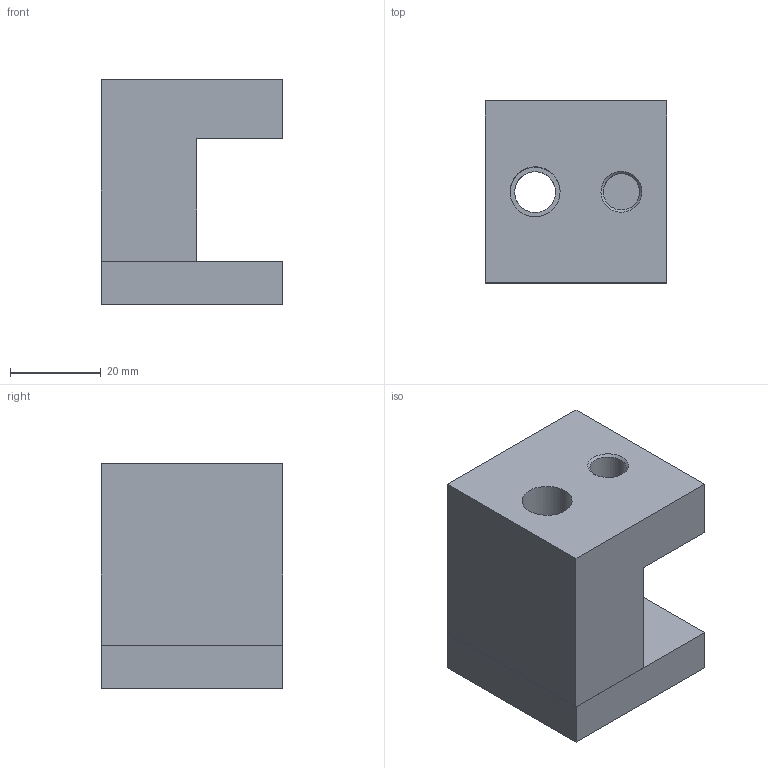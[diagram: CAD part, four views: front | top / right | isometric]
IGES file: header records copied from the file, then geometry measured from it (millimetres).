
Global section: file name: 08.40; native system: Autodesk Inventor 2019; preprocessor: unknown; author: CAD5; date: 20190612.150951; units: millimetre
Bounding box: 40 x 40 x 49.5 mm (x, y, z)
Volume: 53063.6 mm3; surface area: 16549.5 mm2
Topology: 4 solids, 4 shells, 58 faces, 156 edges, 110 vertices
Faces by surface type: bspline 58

......

§ YOUR TASK
What is needed is every record above, restated word for word, with the pictures left out.

§ ANSWER AREA
[diagram: CAD part, four views: front | top / right | isometric]
IGES file: header records copied from the file, then geometry measured from it (millimetres).
Global section: file name: 08.40; native system: Autodesk Inventor 2019; preprocessor: unknown; author: CAD5; date: 20190612.150951; units: millimetre
Bounding box: 40 x 40 x 49.5 mm (x, y, z)
Volume: 53063.6 mm3; surface area: 16549.5 mm2
Topology: 4 solids, 4 shells, 58 faces, 156 edges, 110 vertices
Faces by surface type: bspline 58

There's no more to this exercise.